October 4, 2013 at 10:22 am
Ok, this will get you started with sample data:
create table #groupings (
ID int,
EventName varchar(255),
Venue varchar(255),
EventDate datetime
)
insert into #groupings
values (1,'Football','Arena','2013-10-04 09:58:42.670'),
(2,'Football','Arena','2013-10-04 09:58:42.670'),
(3,'Football','Arena','2013-10-04 10:45:42.670'),
(4,'Football','Arena','2013-10-04 09:58:42.670'),
(1,'Soccer','Field','2013-10-04 09:58:42.670'),
(2,'Soccer','Field','2013-10-04 09:38:42.670'),
(3,'Soccer','Field','2013-10-04 09:58:42.670'),
(4,'Soccer','Field','2013-10-04 09:28:42.670')
select min(EventName) EventName, Venue, EventDate,
stuff((select ',' + cast(ID as varchar) from #groupings where Venue = g.venue and Eventdate = g.eventdate for xml path ('')),1,1,'') IDs
from #groupings g
group by Venue, EventDate
order by venue, eventdate
drop table #groupings
This gives me:
EventName VenueEventDate IDs
FootballArena 2013-10-04 09:58:42.6701,2,4
FootballArena 2013-10-04 10:45:42.6703
SoccerField 2013-10-04 09:28:42.6704
SoccerField 2013-10-04 09:38:42.6702
SoccerField 2013-10-04 09:58:42.6701,3
and what I need is:
EventName VenueEventDate IDs
FootballArena 2013-10-04 09:58:42.6701,2,3,4
SoccerField 2013-10-04 09:58:42.6701,2,3,4
I know, group on EventName and Venue instead of time but that's not possible as the Event names in my real life data are all different and I have no option but to group on Venue and DateTime (thus the min(EventName) to homogenize them).
What I don't know how to do is how to do something like:
group by Venue, fuzzy-time(EventDate +/- an hour).
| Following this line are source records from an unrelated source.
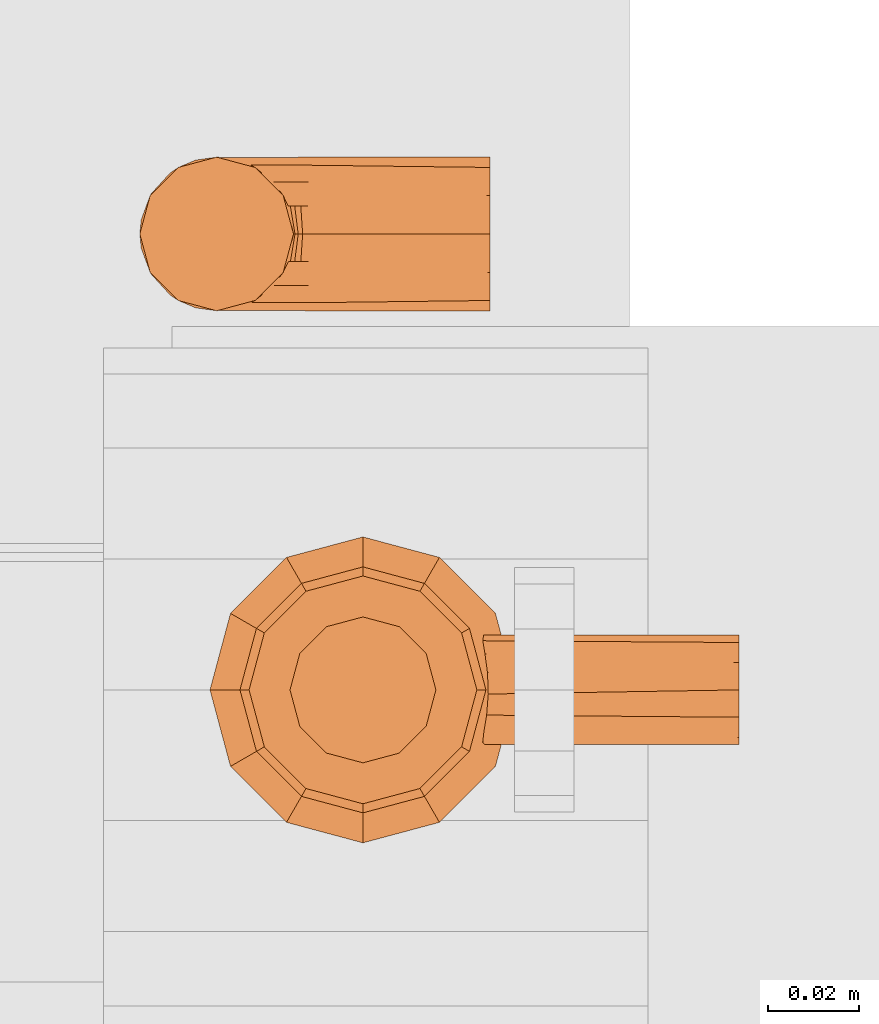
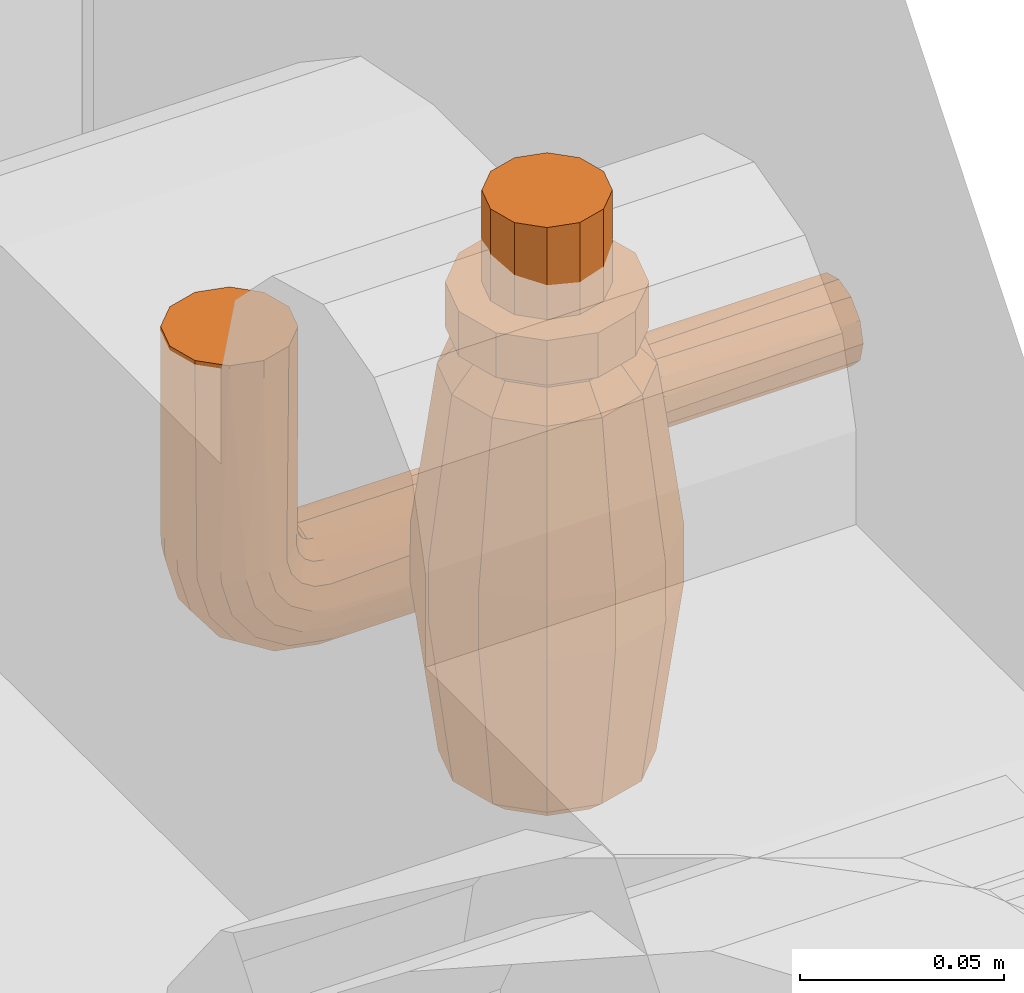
# One storey, part 373 of 374: 2 proxies.
"""IFC2X3 building model written with IfcOpenShell, lengths in metres."""

import ifcopenshell
import ifcopenshell.guid

model = None  # the IFC model being written
_history = None  # IfcOwnerHistory: only IFC2X3 demands one
_inside = {}  # id of a spatial element -> (the spatial element, [elements in it])
_under = {}  # id of a project, library or spatial element -> (it, [spatial elements below it])
_declared = {}  # id of a project -> (the project, [libraries it declares])
_typed = {}  # id of a type object -> (the type object, [elements of that type])
_made_of = {}  # id of a material, layer set ... -> (it, [elements and type objects made of it])


def new_model(schema):
    """Start an empty IFC model of exactly this schema.

    Asked for "IFC4X3", IfcOpenShell would pick the latest addendum, in which some entities
    have other attributes; the version numbers below select the first issue.
    IFC2X3 requires an IfcOwnerHistory on every rooted entity: one is made here for all.
    """
    global model, _history
    if schema == "IFC4X3":
        model = ifcopenshell.file(schema_version=(4, 3, 0, 0))
    else:
        model = ifcopenshell.file(schema=schema)
    _inside.clear()
    _under.clear()
    _declared.clear()
    _typed.clear()
    _made_of.clear()
    _history = None
    if model.schema == "IFC2X3":
        org = make("IfcOrganization", Name="unknown")
        user = make(
            "IfcPersonAndOrganization",
            ThePerson=make("IfcPerson", FamilyName="unknown"),
            TheOrganization=org,
        )
        app = make(
            "IfcApplication",
            ApplicationDeveloper=org,
            Version="unknown",
            ApplicationFullName="unknown",
            ApplicationIdentifier="unknown",
        )
        _history = make(
            "IfcOwnerHistory",
            OwningUser=user,
            OwningApplication=app,
            ChangeAction="ADDED",
            CreationDate=0,
        )
    return model


def make(cls, **values):
    """One entity of the class cls with the attributes given. An attribute that is None is left unset."""
    return model.create_entity(
        cls, **{name: value for name, value in values.items() if value is not None}
    )


def rooted(cls, **values):
    """An entity with a GlobalId (a new one), such as an element, a storey or a relation."""
    return make(cls, GlobalId=ifcopenshell.guid.new(), OwnerHistory=_history, **values)


def si_unit(unit_type, name, prefix=None):
    """IfcSIUnit, for example si_unit("LENGTHUNIT", "METRE", prefix="MILLI")."""
    return make("IfcSIUnit", UnitType=unit_type, Prefix=prefix, Name=name)


def assignment(units):
    """IfcUnitAssignment: the units of a project."""
    return None if units is None else make("IfcUnitAssignment", Units=units)


def point(xyz):
    """IfcCartesianPoint."""
    return None if xyz is None else make("IfcCartesianPoint", Coordinates=xyz)


def direction(xyz):
    """IfcDirection."""
    return None if xyz is None else make("IfcDirection", DirectionRatios=xyz)


def frame(location, z_axis=None, x_axis=None):
    """IfcAxis2Placement3D, a coordinate frame: its origin and axes. An axis left out is left unset."""
    return make(
        "IfcAxis2Placement3D",
        Location=point(location),
        Axis=direction(z_axis),
        RefDirection=direction(x_axis),
    )


def origin():
    """The frame at (0, 0, 0) with its axes left unset."""
    return frame((0.0, 0.0, 0.0))


def place(relative_to, where):
    """IfcLocalPlacement: puts the frame where relative to a parent placement (None: the world)."""
    return make(
        "IfcLocalPlacement", PlacementRelTo=relative_to, RelativePlacement=where
    )


def context(
    kind, dimensions, precision=None, world=None, true_north=None, identifier=None
):
    """IfcGeometricRepresentationContext, for example the 3D "Model" context."""
    return make(
        "IfcGeometricRepresentationContext",
        ContextIdentifier=identifier,
        ContextType=kind,
        CoordinateSpaceDimension=dimensions,
        Precision=precision,
        WorldCoordinateSystem=world,
        TrueNorth=true_north,
    )


def subcontext(parent, identifier, kind, view, scale=None):
    """IfcGeometricRepresentationSubContext, for example "Body" below "Model"."""
    return make(
        "IfcGeometricRepresentationSubContext",
        ContextIdentifier=identifier,
        ContextType=kind,
        ParentContext=parent,
        TargetScale=scale,
        TargetView=view,
    )


def project(units=None, contexts=None):
    """IfcProject with its units and contexts."""
    return rooted(
        "IfcProject",
        Name="project",
        RepresentationContexts=contexts,
        UnitsInContext=assignment(units),
    )


def spatial(cls, under=None, at=None, **own):
    """A site, building, storey or space (cls), placed at a placement, below another one or the project."""
    s = rooted(cls, ObjectPlacement=at, **own)
    if under is not None:
        _under.setdefault(under.id(), (under, []))[1].append(s)
    return s


def faces_of(points, faces, orient=None, outer=None):
    """IfcFace entities. A face is a list of loops; a loop is a list of indices into points, from 0.

    orient and outer hold one flag for each loop. By default every Orientation is true, the
    first loop of a face is its IfcFaceOuterBound and the others are IfcFaceBound.
    """
    made = []
    for i, loops in enumerate(faces):
        bounds = []
        for j, loop in enumerate(loops):
            is_outer = j == 0 if outer is None else outer[i][j]
            bounds.append(
                make(
                    "IfcFaceOuterBound" if is_outer else "IfcFaceBound",
                    Bound=make("IfcPolyLoop", Polygon=[points[k] for k in loop]),
                    Orientation=True if orient is None else orient[i][j],
                )
            )
        made.append(make("IfcFace", Bounds=bounds))
    return made


def open_shell(faces, orient=None, outer=None):
    """The faces of one IfcOpenShell. surface_model builds it on its shared points."""
    return ("IfcOpenShell", faces, orient, outer)


def surface_model(cls, points, shells):
    """IfcFaceBasedSurfaceModel or IfcShellBasedSurfaceModel (cls): surfaces that need not close."""
    shared = [point(p) for p in points]
    made = [make(c, CfsFaces=faces_of(shared, fs, o, b)) for c, fs, o, b in shells]
    if cls == "IfcFaceBasedSurfaceModel":
        return make(cls, FbsmFaces=made)
    return make(cls, SbsmBoundary=made)


def shape(context_of_items, identifier, shape_type, items):
    """IfcShapeRepresentation: the items that make up one representation, for example the "Body"."""
    return make(
        "IfcShapeRepresentation",
        ContextOfItems=context_of_items,
        RepresentationIdentifier=identifier,
        RepresentationType=shape_type,
        Items=items,
    )


def source(mapping_origin, context_of_items, identifier, shape_type, items):
    """IfcRepresentationMap: a shape defined once, which mapped items show again and again."""
    return make(
        "IfcRepresentationMap",
        MappingOrigin=mapping_origin,
        MappedRepresentation=shape(context_of_items, identifier, shape_type, items),
    )


def transform(
    local_origin,
    x_axis=None,
    y_axis=None,
    z_axis=None,
    scale=None,
    scale2=None,
    scale3=None,
    uniform=True,
):
    """IfcCartesianTransformationOperator3D, or its non-uniform kind. x_axis, y_axis, z_axis: its Axis1, 2, 3."""
    if uniform:
        return make(
            "IfcCartesianTransformationOperator3D",
            Axis1=direction(x_axis),
            Axis2=direction(y_axis),
            LocalOrigin=point(local_origin),
            Scale=scale,
            Axis3=direction(z_axis),
        )
    return make(
        "IfcCartesianTransformationOperator3DnonUniform",
        Axis1=direction(x_axis),
        Axis2=direction(y_axis),
        LocalOrigin=point(local_origin),
        Scale=scale,
        Axis3=direction(z_axis),
        Scale2=scale2,
        Scale3=scale3,
    )


def mapped(mapping_source, mapping_target):
    """IfcMappedItem: shows the shape of a source again, moved by a transform."""
    return make(
        "IfcMappedItem", MappingSource=mapping_source, MappingTarget=mapping_target
    )


def made_of(thing, what):
    """Note that an element or type object is made of a material, layer set ...; save() writes the relation."""
    if what is not None:
        _made_of.setdefault(what.id(), (what, []))[1].append(thing)
    return thing


def element(
    cls,
    number,
    at=None,
    inside=None,
    cuts=None,
    type_object=None,
    material=None,
    context=None,
    identifier="Body",
    shape_type=None,
    held_by="IfcProductDefinitionShape",
    body=None,
    shapes=None,
    **own,
):
    """One element of the class cls, such as IfcWall. Its Tag is "e" and its number.

    at: its placement. inside: the storey or other place that contains it. cuts: it is an
    opening in that element (IfcRelVoidsElement). A single representation is given by context,
    identifier, shape_type and body (its items); several are given by shapes. held_by: the class
    of the entity that holds the representations. save() writes the other relations.
    """
    e = rooted(cls, Tag="e%d" % number, ObjectPlacement=at, **own)
    if body is not None:
        shapes = [shape(context, identifier, shape_type, body)]
    if shapes is not None:
        e.Representation = make(held_by, Representations=shapes)
    if inside is not None:
        _inside.setdefault(inside.id(), (inside, []))[1].append(e)
    if cuts is not None:
        rooted(
            "IfcRelVoidsElement", RelatingBuildingElement=cuts, RelatedOpeningElement=e
        )
    if type_object is not None:
        _typed.setdefault(type_object.id(), (type_object, []))[1].append(e)
    return made_of(e, material)


def aggregate(whole, parts):
    """IfcRelAggregates: a whole, such as a stair, and the parts it consists of."""
    return rooted("IfcRelAggregates", RelatingObject=whole, RelatedObjects=parts)


def save(model, path):
    """Write the relations noted so far, then the file.

    IfcRelAggregates (storeys below a building ...), IfcRelContainedInSpatialStructure (elements
    in a storey), IfcRelDefinesByType, IfcRelAssociatesMaterial and IfcRelDeclares: one each for
    every whole, place, type object, material and project.
    """
    for whole, parts in _under.values():
        aggregate(whole, parts)
    for where, things in _inside.values():
        rooted(
            "IfcRelContainedInSpatialStructure",
            RelatedElements=things,
            RelatingStructure=where,
        )
    for kind, things in _typed.values():
        rooted("IfcRelDefinesByType", RelatedObjects=things, RelatingType=kind)
    for what, things in _made_of.values():
        rooted("IfcRelAssociatesMaterial", RelatedObjects=things, RelatingMaterial=what)
    for by, libraries in _declared.values():
        rooted("IfcRelDeclares", RelatingContext=by, RelatedDefinitions=libraries)
    model.write(path)


model = new_model("IFC2X3")

# Units and contexts
model_context = context("Model", 3, precision=1e-05, world=origin(), true_north=direction((-0.4480736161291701, 0.8939966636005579)))
body_context = subcontext(model_context, "Body", "Model", "MODEL_VIEW")
ifc_project = project(units=[si_unit("LENGTHUNIT", "METRE"), si_unit("AREAUNIT", "SQUARE_METRE"), si_unit("VOLUMEUNIT", "CUBIC_METRE"), si_unit("PLANEANGLEUNIT", "RADIAN"), si_unit("THERMODYNAMICTEMPERATUREUNIT", "KELVIN"), si_unit("MASSUNIT", "GRAM", prefix="KILO"), si_unit("TIMEUNIT", "SECOND")], contexts=[model_context])

# Site, building, storey
site_placement = place(None, origin())
site = spatial("IfcSite", under=ifc_project, at=site_placement, Name="Site 1", CompositionType="ELEMENT")
building_placement = place(site_placement, origin())
building = spatial("IfcBuilding", under=site, at=building_placement, Name="Undefined", CompositionType="ELEMENT")
storey_placement = place(building_placement, origin())
storey = spatial("IfcBuildingStorey", under=building, at=storey_placement, Name="Rez de chauss\x8ee", CompositionType="ELEMENT", Elevation=0.0)

# Proxies
shared_shape_1 = source(origin(), body_context, "Body", "SurfaceModel", [
    surface_model("IfcFaceBasedSurfaceModel", [(0.01627517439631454, 0.004360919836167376, 0.0), (0.0, 0.0, 0.0), (0.023828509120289, 4.4408921e-16, 0.0), (-0.004360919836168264, -0.007553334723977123, 0.0), (0.028189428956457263, -0.007553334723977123, 0.0), (-0.004360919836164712, -0.01627517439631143, 0.0), (0.028189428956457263, -0.016275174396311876, 0.0), (0.0, -0.023828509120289, 0.0), (0.023828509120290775, -0.023828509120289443, 0.0), (0.007553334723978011, -0.02818942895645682, 0.0), (0.016275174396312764, -0.02818942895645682, 0.0), (0.007553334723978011, 0.004360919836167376, 0.0), (-0.00493304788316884, -0.011654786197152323, -0.039897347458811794), (-0.004360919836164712, -0.01627517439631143, -0.039897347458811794), (-0.0038891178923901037, -0.0177582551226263, -0.039897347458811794), (-0.0007108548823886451, -0.02307245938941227, -0.039897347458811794), (0.004172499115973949, -0.02687968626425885, -0.039897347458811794), (0.010101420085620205, -0.028665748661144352, -0.039897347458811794), (0.016275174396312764, -0.02818942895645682, -0.039897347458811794), (0.021859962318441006, -0.025515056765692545, -0.039897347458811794), (0.0261015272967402, -0.021003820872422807, -0.039897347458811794), (0.028427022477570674, -0.015264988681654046, -0.039897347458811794), (0.02852237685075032, -0.009073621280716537, -0.039897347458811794), (0.028189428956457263, -0.007553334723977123, -0.039897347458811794), (0.026374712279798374, -0.00326589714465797, -0.039897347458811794), (0.022274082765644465, 0.001373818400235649, -0.039897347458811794), (0.01677430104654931, 0.004218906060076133, -0.039897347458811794), (0.010618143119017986, 0.0048851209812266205, -0.039897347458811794), (0.004637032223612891, 0.0032824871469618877, -0.039897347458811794), (-0.0003612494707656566, -0.00037255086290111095, -0.039897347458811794), (-0.0037016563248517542, -0.005586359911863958, -0.039897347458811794), (0.041370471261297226, -0.08929600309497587, -0.0453054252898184), (0.025095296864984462, -0.09365692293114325, -0.0453054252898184), (0.04732759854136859, -0.08769979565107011, -0.05147269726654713), (0.019138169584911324, -0.09525313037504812, -0.05147269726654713), (0.04950805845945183, -0.08711554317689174, -0.05989734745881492), (0.016957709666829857, -0.0958373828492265, -0.05989734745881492), (0.04732759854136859, -0.08769979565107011, -0.0683219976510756), (0.019138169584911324, -0.09525313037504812, -0.0683219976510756), (0.041370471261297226, -0.08929600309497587, -0.07448926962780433), (0.025095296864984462, -0.09365692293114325, -0.07448926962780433), (0.033232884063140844, -0.09147646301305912, -0.07674664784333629), (0.033232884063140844, -0.09147646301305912, -0.043048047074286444), (0.0008848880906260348, -0.035575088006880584, -0.05834269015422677), (0.000815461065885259, -0.03559369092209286, -0.05989734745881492), (0.0014367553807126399, -0.03542721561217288, -0.06450837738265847), (0.004102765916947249, -0.03471286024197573, -0.0700513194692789), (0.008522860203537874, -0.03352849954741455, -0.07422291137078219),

Oh, and if I really want the data to be correct I need the incorrect times to yield to the majority. If there are two identical times and one unique time I need the result to be the time the "majority" agrees on.
Ideas?
Erin
October 4, 2013 at 10:26 am
Sorry could you please correct your SQL which populates the table?
October 4, 2013 at 10:42 am
(8 row(s) affected)
Works just fine on my machine. Anyone else having difficulties with the SQL?
October 4, 2013 at 10:52 am
I had to change few things but try this:
create table #groupings (
ID int,
EventName varchar(255),
Venue varchar(255),
EventDate datetime
)
insert into #groupings
select 1,'Football','Arena','2013-10-04 09:58:42.670'
UNion
select 2,'Football','Arena','2013-10-04 09:58:42.670'
union
select 3,'Football','Arena','2013-10-04 10:45:42.670'
union
select 4,'Football','Arena','2013-10-04 09:58:42.670'
union
select 1,'Soccer','Field','2013-10-04 09:58:42.670'
union
select 2,'Soccer','Field','2013-10-04 09:38:42.670'
union
select 3,'Soccer','Field','2013-10-04 09:58:42.670'
union
select 4,'Soccer','Field','2013-10-04 09:28:42.670'
select EventName, Venue, min(EventDate),
substring((select ',' + cast(ID as varchar)
from #groupings g1
where g1.EventName= g2.EventName
order by g1.EventName
for xml path ('')),2, 1000) [Students]
from #groupings g2
group by EventName, Venue
October 4, 2013 at 10:59 am
A valiant effort, DVA2007, but you'll note in my first post that I cannot group on Event Name because they are disparate (sorry I mislead you with my test data).
For example, you've got:
Football
Raiders vs Broncos
Pigskin huddle
Football
as event names instead of the generic 'football' that I've put in place there. Thus the reason for using the min() function.
More ideas.
October 4, 2013 at 11:05 am
Erin Ramsay (10/4/2013)
More ideas.
Normalize your data and then you aren't fighting this. Honestly the biggest challenge you are facing is the lack of normalization.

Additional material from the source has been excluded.